In our paper, we used LeanEuclid to test state-of-the-art LLMs on theorem statements and proof autoformalization. We provide a Python wrapper which can be used to replicate our experiment procedure. More details and usage examples can be found here.

### Acknowledgements

- We use (our own fork of) lean-smt for running SMT solvers from Lean.
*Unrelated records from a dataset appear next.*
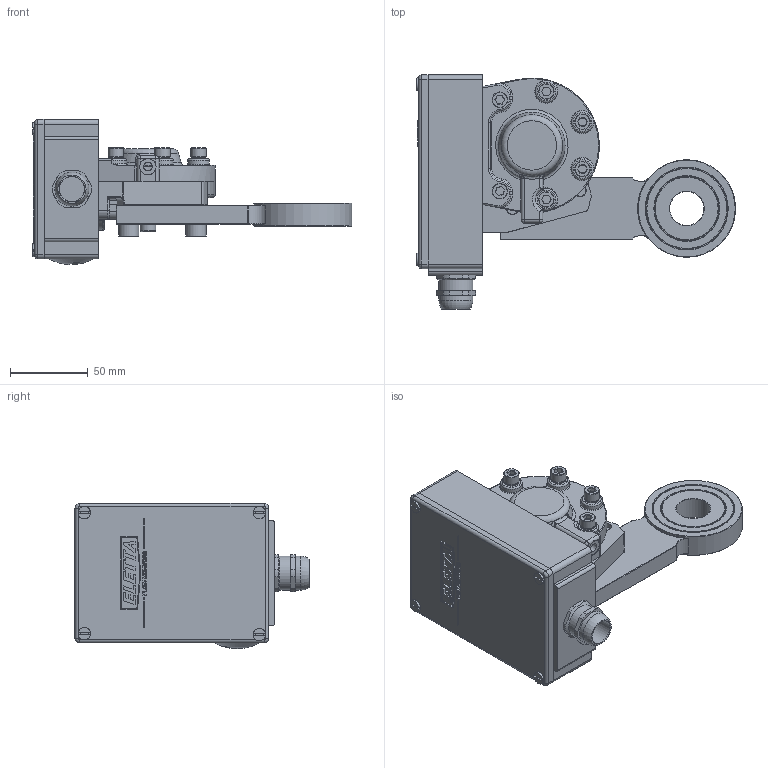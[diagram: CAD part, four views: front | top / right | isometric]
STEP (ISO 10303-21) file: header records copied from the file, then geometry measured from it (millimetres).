
FILE_DESCRIPTION(/* description */ ('Alibre Inc.'),/* implementation_level */ '2;1');
FILE_NAME(/* name */ 'export0',/* time_stamp */ '2012-10-19T13:16:43+02:00',/* author */ (''),/* organization */ (''),/* preprocessor_version */ 'ST-DEVELOPER v14',/* originating_system */ 'Alibre',/* authorisation */ '');
FILE_SCHEMA (('CONFIG_CONTROL_DESIGN'));
Length unit declared in the file: centimetre
Products named in the file (12): ID_1; ID_2; ID_3; ID_4; ID_5; ID_6; ID_7; ID_8
Bounding box: 205.92 x 151 x 93.66 mm (x, y, z)
Volume: 350542.3 mm3; surface area: 161040.7 mm2
Topology: 21 solids, 21 shells, 1087 faces, 2574 edges, 1597 vertices
Faces by surface type: plane 530, cylinder 233, bspline 162, cone 84, torus 70, sphere 8
Full cylindrical faces by diameter (mm): 3.9 x2, 5 x22, 5.5 x1, 5.541 x2, 6 x14, 6.038 x2, 6.5 x6, 8 x9, 8.5 x2, 9.6 x6, 10 x11, 10.5 x1, 12 x3, 13 x2, 14 x3, 16 x1, 17.966 x1, 19.5 x1, 22 x3, 22.5 x4, 29 x1, 31 x1, 41 x2, 42 x2, 52 x2, 53 x2, 63 x1
Entity records: 34574 total; most frequent: CARTESIAN_POINT 14248, ORIENTED_EDGE 3984, DIRECTION 3180, EDGE_CURVE 1992, VERTEX_POINT 1335, AXIS2_PLACEMENT_3D 1295, EDGE_LOOP 1167, FACE_BOUND 1167

- There are concurrent efforts on formalizing Euclidean geometry in Lean (e.g., EG and Hernandez-Espiet's work). To the best of our knowledge, LeanEuclid is unique in its use of external solvers to handle diagrammatic reasoning, which is typically performed explicitly. However, this comes at the expense of breaking soundness.